(Dataset Opens)

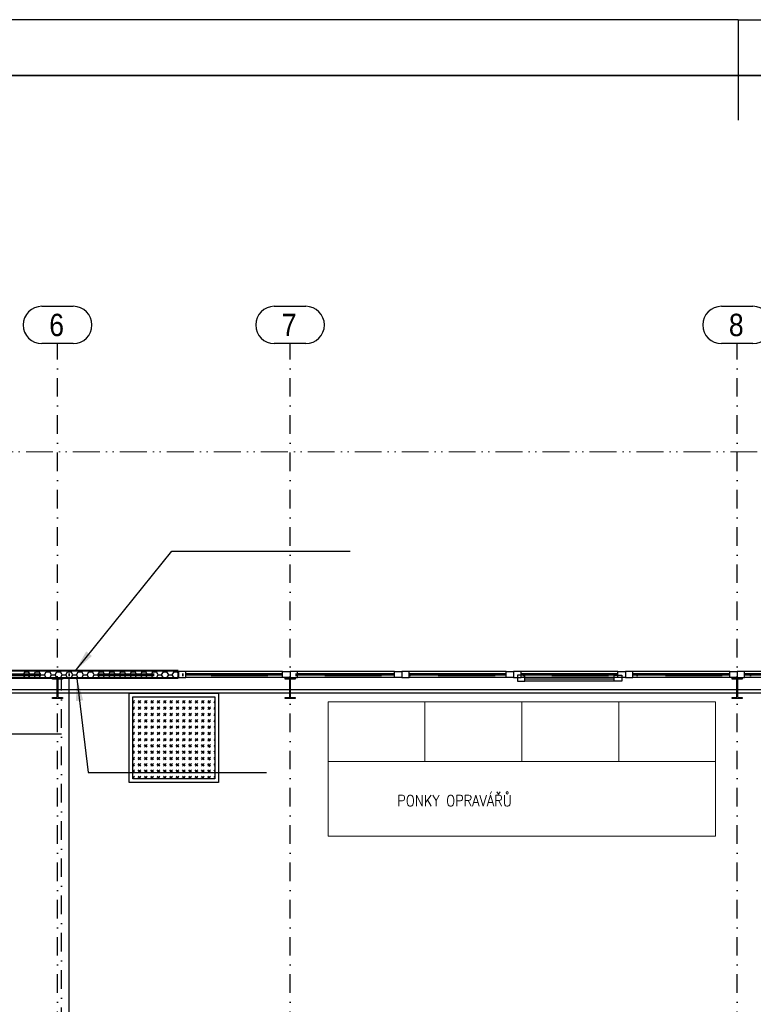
# Model space of a CAD drawing. Header units: millimetres. Extents: x 2886542 to 7567581, y -792623 to 134766.
# Tile 251 of 256: x 4911315 to 4921160, y -388078 to -374865. Entities that reach past the tile are written whole.
import ezdxf

# ---------------------------------------------------------------- set-up
doc = ezdxf.new("R2010")
doc.units = ezdxf.units.MM
for name, pattern in [('ACAD_ISO12W100', [21, 12, -3, 0, -3, 0, -3]), ('DASHDOT', [1, 0.5, -0.25, 0, -0.25]), ('DASHDOTX2', [50.8, 25.4, -12.7, 0, -12.7])]:
    doc.linetypes.add(name, pattern=pattern)
for name, color, linetype, lineweight in [('CKPROSTUPY_NADROVINOU', 7, 'DASHDOT', 25), ('IN_NS_TLUSTA', 1, 'Continuous', 40), ('Text obecně', 7, 'Continuous', 25)]:
    doc.layers.add(name, color=color, linetype=linetype, lineweight=lineweight)
doc.layers.add('IN_NS_VYPLNE OTVORU', color=16, linetype='Continuous')
doc.layers.add('požárničina', color=10, linetype='Continuous')
doc.styles.add('ARIAL', font='arial.ttf')
doc.styles.add('ROMAND', font='romand.shx', dxfattribs={"width": 0.85})
doc.styles.add('ROMANT', font='romant')
doc.dimstyles.new('úhlová', dxfattribs={"dimscale": 0.2, "dimtxt": 2.5, "dimasz": 1.5, "dimexe": 0, "dimexo": 3, "dimgap": 1, "dimtad": 1, "dimdec": 0, "dimzin": 0, "dimdsep": 46, "dimtxsty": 'ROMANT', "dimcen": 5, "dimclrd": 256, "dimclre": 256, "dimclrt": 7, "dimadec": 1, "dimazin": 0, "dimtfac": 1, "dimtdec": 0, "dimtix": 1, "dimtmove": 2, "dimatfit": 3, "dimfxl": 0, "dimtvp": 2, "dimtolj": 1, "dimtzin": 0, "dimarcsym": 0})

msp = doc.modelspace()

# ---------------------------------------------------------------- linework, layer by layer
at = {"layer": 'CKPROSTUPY_NADROVINOU', "color": 0, "ltscale": 500}
for p, q in [((4911823.4, -406428.5), (4911823.4, -379211)), ((4914943.4, -406428.5), (4914943.4, -379211)), ((4920943.4, -406428.5), (4920943.4, -379211))]:
    msp.add_line(p, q, dxfattribs=at)
at = {"layer": 'IN_NS_TLUSTA', "color": 0}
for p, q in [((4913443.4, -383602.4), (4911063.4, -383602.4)), ((4913443.4, -383602.4), (4913443.4, -383702.4)), ((4913443.4, -383702.4), (4911063.4, -383702.4))]:
    msp.add_line(p, q, dxfattribs=at)
at = {"layer": 'IN_NS_VYPLNE OTVORU', "color": 0, "linetype": 'ByBlock'}
for p, q in [((4911612.1, -378711), (4912034.6, -378711)), ((4914732.1, -378711), (4915154.6, -378711)), ((4920732.1, -378711), (4921154.6, -378711)), ((4912034.6, -379211), (4911612.1, -379211)), ((4915154.6, -379211), (4914732.1, -379211)), ((4921154.6, -379211), (4920732.1, -379211))]:
    msp.add_line(p, q, dxfattribs=at)
at = {"layer": 'IN_NS_VYPLNE OTVORU', "color": 0}
for p, q in [((4911315.3, -383656.3), (4911362.9, -383656.3)), ((4911362.9, -383656.3), (4911386.7, -383615.1)), ((4911386.7, -383697.6), (4911362.9, -383656.3)), ((4911386.7, -383615.1), (4911379.4, -383602.4)), ((4911384, -383702.4), (4911386.7, -383697.6)), ((4911386.7, -383615.1), (4911434.4, -383615.1)), ((4911386.7, -383697.6), (4911434.4, -383697.6)), ((4911434.4, -383615.1), (4911441.7, -383602.4)), ((4911458.2, -383656.3), (4911434.4, -383615.1)), ((4911434.4, -383697.6), (4911458.2, -383656.3)), ((4911437.1, -383702.4), (4911434.4, -383697.6)), ((4911458.2, -383656.3), (4911505.8, -383656.3)), ((4911505.8, -383656.3), (4911529.6, -383615.1)), ((4911529.6, -383697.6), (4911505.8, -383656.3)), ((4911529.6, -383615.1), (4911522.2, -383602.4)), ((4911526.9, -383702.4), (4911529.6, -383697.6)), ((4911529.6, -383615.1), (4911577.2, -383615.1)), ((4911529.6, -383697.6), (4911577.2, -383697.6)), ((4911577.2, -383615.1), (4911584.6, -383602.4)), ((4911601, -383656.3), (4911577.2, -383615.1)), ((4911577.2, -383697.6), (4911601, -383656.3)), ((4911580, -383702.4), (4911577.2, -383697.6)), ((4911601, -383656.3), (4911648.7, -383656.3)), ((4911648.7, -383656.3), (4911672.5, -383615.1)), ((4911672.5, -383697.6), (4911648.7, -383656.3)), ((4911672.5, -383615.1), (4911665.1, -383602.4)), ((4911669.7, -383702.4), (4911672.5, -383697.6)), ((4911672.5, -383615.1), (4911720.1, -383615.1)), ((4911672.5, -383697.6), (4911720.1, -383697.6)), ((4911720.1, -383615.1), (4911727.5, -383602.4)), ((4911743.9, -383656.3), (4911720.1, -383615.1)), ((4911720.1, -383697.6), (4911743.9, -383656.3)), ((4911722.9, -383702.4), (4911720.1, -383697.6)), ((4911743.9, -383656.3), (4911791.5, -383656.3)), ((4911791.5, -383656.3), (4911815.4, -383615.1)), ((4911815.4, -383697.6), (4911791.5, -383656.3)), ((4911815.4, -383615.1), (4911808, -383602.4)), ((4911812.6, -383702.4), (4911815.4, -383697.6)), ((4911815.4, -383615.1), (4911863, -383615.1)), ((4911815.4, -383697.6), (4911863, -383697.6)), ((4911863, -383615.1), (4911870.3, -383602.4)), ((4911886.8, -383656.3), (4911863, -383615.1)), ((4911863, -383697.6), (4911886.8, -383656.3)), ((4911865.7, -383702.4), (4911863, -383697.6)), ((4911886.8, -383656.3), (4911934.4, -383656.3)), ((4911934.4, -383656.3), (4911958.2, -383615.1)), ((4911958.2, -383697.6), (4911934.4, -383656.3)), ((4911958.2, -383615.1), (4911950.9, -383602.4)), ((4911955.5, -383702.4), (4911958.2, -383697.6)), ((4911958.2, -383615.1), (4912005.9, -383615.1)), ((4911958.2, -383697.6), (4912005.9, -383697.6)), ((4912005.9, -383615.1), (4912013.2, -383602.4)), ((4912029.7, -383656.3), (4912005.9, -383615.1)), ((4912005.9, -383697.6), (4912029.7, -383656.3)), ((4912008.6, -383702.4), (4912005.9, -383697.6)), ((4912029.7, -383656.3), (4912077.3, -383656.3)), ((4912077.3, -383656.3), (4912101.1, -383615.1)), ((4912101.1, -383697.6), (4912077.3, -383656.3)), ((4912101.1, -383615.1), (4912093.7, -383602.4)), ((4912098.4, -383702.4), (4912101.1, -383697.6)), ((4912101.1, -383615.1), (4912148.7, -383615.1)), ((4912101.1, -383697.6), (4912148.7, -383697.6)), ((4912148.7, -383615.1), (4912156.1, -383602.4)), ((4912172.5, -383656.3), (4912148.7, -383615.1)), ((4912148.7, -383697.6), (4912172.5, -383656.3)), ((4912151.5, -383702.4), (4912148.7, -383697.6)), ((4912172.5, -383656.3), (4912220.2, -383656.3)), ((4912220.2, -383656.3), (4912244, -383615.1)), ((4912244, -383697.6), (4912220.2, -383656.3)), ((4912244, -383615.1), (4912236.6, -383602.4)), ((4912241.2, -383702.4), (4912244, -383697.6)), ((4912244, -383615.1), (4912291.6, -383615.1)), ((4912244, -383697.6), (4912291.6, -383697.6)), ((4912291.6, -383615.1), (4912299, -383602.4)), ((4912315.4, -383656.3), (4912291.6, -383615.1)), ((4912291.6, -383697.6), (4912315.4, -383656.3)), ((4912294.4, -383702.4), (4912291.6, -383697.6)), ((4912315.4, -383656.3), (4912363, -383656.3)), ((4912363, -383656.3), (4912386.9, -383615.1)), ((4912386.9, -383697.6), (4912363, -383656.3)), ((4912386.9, -383615.1), (4912379.5, -383602.4)), ((4912384.1, -383702.4), (4912386.9, -383697.6)), ((4912386.9, -383615.1), (4912434.5, -383615.1)), ((4912386.9, -383697.6), (4912434.5, -383697.6)), ((4912434.5, -383615.1), (4912441.8, -383602.4)), ((4912458.3, -383656.3), (4912434.5, -383615.1)), ((4912434.5, -383697.6), (4912458.3, -383656.3)), ((4912437.2, -383702.4), (4912434.5, -383697.6)), ((4912458.3, -383656.3), (4912505.9, -383656.3)), ((4912505.9, -383656.3), (4912529.7, -383615.1)), ((4912529.7, -383697.6), (4912505.9, -383656.3)), ((4912529.7, -383615.1), (4912522.4, -383602.4)), ((4912527, -383702.4), (4912529.7, -383697.6)), ((4912529.7, -383615.1), (4912577.4, -383615.1)), ((4912529.7, -383697.6), (4912577.4, -383697.6)), ((4912577.4, -383615.1), (4912584.7, -383602.4)), ((4912601.2, -383656.3), (4912577.4, -383615.1)), ((4912577.4, -383697.6), (4912601.2, -383656.3)), ((4912580.1, -383702.4), (4912577.4, -383697.6)), ((4912601.2, -383656.3), (4912648.8, -383656.3)), ((4912648.8, -383656.3), (4912672.6, -383615.1)), ((4912672.6, -383697.6), (4912648.8, -383656.3)), ((4912672.6, -383615.1), (4912665.2, -383602.4)), ((4912669.9, -383702.4), (4912672.6, -383697.6)), ((4912672.6, -383615.1), (4912720.2, -383615.1)), ((4912672.6, -383697.6), (4912720.2, -383697.6)), ((4912720.2, -383615.1), (4912727.6, -383602.4)), ((4912744, -383656.3), (4912720.2, -383615.1)), ((4912720.2, -383697.6), (4912744, -383656.3)), ((4912723, -383702.4), (4912720.2, -383697.6)), ((4912744, -383656.3), (4912791.7, -383656.3)), ((4912791.7, -383656.3), (4912815.5, -383615.1)), ((4912815.5, -383697.6), (4912791.7, -383656.3)), ((4912815.5, -383615.1), (4912808.1, -383602.4)), ((4912812.7, -383702.4), (4912815.5, -383697.6)), ((4912815.5, -383615.1), (4912863.1, -383615.1)), ((4912815.5, -383697.6), (4912863.1, -383697.6)), ((4912863.1, -383615.1), (4912870.5, -383602.4)), ((4912886.9, -383656.3), (4912863.1, -383615.1)), ((4912863.1, -383697.6), (4912886.9, -383656.3)), ((4912865.9, -383702.4), (4912863.1, -383697.6)), ((4912886.9, -383656.3), (4912934.5, -383656.3)), ((4912934.5, -383656.3), (4912958.4, -383615.1)), ((4912958.4, -383697.6), (4912934.5, -383656.3)), ((4912958.4, -383615.1), (4912951, -383602.4)), ((4912955.6, -383702.4), (4912958.4, -383697.6)), ((4912958.4, -383615.1), (4913006, -383615.1)), ((4912958.4, -383697.6), (4913006, -383697.6)), ((4913006, -383615.1), (4913013.3, -383602.4)), ((4913029.8, -383656.3), (4913006, -383615.1)), ((4913006, -383697.6), (4913029.8, -383656.3)), ((4913008.7, -383702.4), (4913006, -383697.6)), ((4913029.8, -383656.3), (4913077.4, -383656.3)), ((4913077.4, -383656.3), (4913101.2, -383615.1)), ((4913101.2, -383697.6), (4913077.4, -383656.3)), ((4913101.2, -383615.1), (4913093.9, -383602.4)), ((4913098.5, -383702.4), (4913101.2, -383697.6)), ((4913101.2, -383615.1), (4913148.9, -383615.1)), ((4913101.2, -383697.6), (4913148.9, -383697.6)), ((4913148.9, -383615.1), (4913156.2, -383602.4)), ((4913172.7, -383656.3), (4913148.9, -383615.1)), ((4913148.9, -383697.6), (4913172.7, -383656.3)), ((4913151.6, -383702.4), (4913148.9, -383697.6)), ((4913172.7, -383656.3), (4913220.3, -383656.3)), ((4913220.3, -383656.3), (4913244.1, -383615.1)), ((4913244.1, -383697.6), (4913220.3, -383656.3)), ((4913244.1, -383615.1), (4913236.7, -383602.4)), ((4913241.4, -383702.4), (4913244.1, -383697.6)), ((4913244.1, -383615.1), (4913291.7, -383615.1)), ((4913244.1, -383697.6), (4913291.7, -383697.6)), ((4913291.7, -383615.1), (4913299.1, -383602.4)), ((4913315.5, -383656.3), (4913291.7, -383615.1)), ((4913291.7, -383697.6), (4913315.5, -383656.3)), ((4913294.5, -383702.4), (4913291.7, -383697.6)), ((4913315.5, -383656.3), (4913363.2, -383656.3)), ((4913363.2, -383656.3), (4913387, -383615.1)), ((4913387, -383697.6), (4913363.2, -383656.3)), ((4913387, -383615.1), (4913379.6, -383602.4)), ((4913384.2, -383702.4), (4913387, -383697.6)), ((4913387, -383615.1), (4913434.6, -383615.1)), ((4913387, -383697.6), (4913434.6, -383697.6)), ((4913434.6, -383615.1), (4913442, -383602.4)), ((4913443.4, -383630.3), (4913434.6, -383615.1)), ((4913434.6, -383697.6), (4913443.4, -383682.4)), ((4913437.4, -383702.4), (4913434.6, -383697.6)), ((4913543.4, -383612.4), (4913443.4, -383612.4)), ((4913443.4, -383612.4), (4913443.4, -383692.4)), ((4913443.4, -383692.4), (4913543.4, -383692.4)), ((4914843.4, -383612.4), (4913493.4, -383612.4)), ((4913543.4, -383692.4), (4913543.4, -383612.4)), ((4914843.4, -383642.4), (4913543.4, -383642.4)), ((4914843.4, -383662.4), (4913543.4, -383662.4)), ((4914843.4, -383692.4), (4913543.4, -383692.4)), ((4914843.4, -383612.4), (4914943.4, -383612.4)), ((4914843.4, -383692.4), (4914843.4, -383612.4)), ((4914943.4, -383692.4), (4914843.4, -383692.4)), ((4915043.4, -383612.4), (4914943.4, -383612.4)), ((4914943.4, -383612.4), (4914943.4, -383692.4)), ((4914943.4, -383612.4), (4914943.4, -383692.4)), ((4914943.4, -383692.4), (4915043.4, -383692.4)), ((4916343.4, -383612.4), (4914993.4, -383612.4)), ((4915043.4, -383692.4), (4915043.4, -383612.4)), ((4916343.4, -383642.4), (4915043.4, -383642.4)), ((4916343.4, -383662.4), (4915043.4, -383662.4)), ((4916343.4, -383692.4), (4915043.4, -383692.4)), ((4916343.4, -383612.4), (4916443.4, -383612.4)), ((4916343.4, -383692.4), (4916343.4, -383612.4)), ((4916443.4, -383692.4), (4916343.4, -383692.4)), ((4916543.4, -383612.4), (4916443.4, -383612.4)), ((4916443.4, -383612.4), (4916443.4, -383692.4)), ((4916443.4, -383612.4), (4916443.4, -383692.4)), ((4916443.4, -383692.4), (4916543.4, -383692.4)), ((4917843.4, -383612.4), (4916493.4, -383612.4)), ((4916543.4, -383692.4), (4916543.4, -383612.4)), ((4917843.4, -383642.4), (4916543.4, -383642.4)), ((4917843.4, -383662.4), (4916543.4, -383662.4)), ((4917843.4, -383692.4), (4916543.4, -383692.4)), ((4917843.4, -383612.4), (4917943.4, -383612.4)), ((4917843.4, -383692.4), (4917843.4, -383612.4)), ((4917943.4, -383692.4), (4917843.4, -383692.4)), ((4918043.4, -383612.4), (4917943.4, -383612.4)), ((4917943.4, -383612.4), (4917943.4, -383692.4)), ((4917943.4, -383612.4), (4917943.4, -383692.4)), ((4917943.4, -383692.4), (4918043.4, -383692.4)), ((4919343.4, -383612.4), (4917993.4, -383612.4)), ((4918093.4, -383662.3), (4917993.4, -383662.3)), ((4917993.4, -383662.3), (4917993.4, -383742.3)), ((4918043.4, -383692.4), (4918043.4, -383612.4)), ((4919343.4, -383642.4), (4918043.4, -383642.4)), ((4919343.4, -383662.4), (4918043.4, -383662.4)), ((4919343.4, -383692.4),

(Dataset Closes)

• **To do**
For each line of the entries that holds the word "DASHDOT", pull that line out.

• **Exercise solution**
for name, pattern in [('ACAD_ISO12W100', [21, 12, -3, 0, -3, 0, -3]), ('DASHDOT', [1, 0.5, -0.25, 0, -0.25]), ('DASHDOTX2', [50.8, 25.4, -12.7, 0, -12.7])]:
for name, color, linetype, lineweight in [('CKPROSTUPY_NADROVINOU', 7, 'DASHDOT', 25), ('IN_NS_TLUSTA', 1, 'Continuous', 40), ('Text obecně', 7, 'Continuous', 25)]:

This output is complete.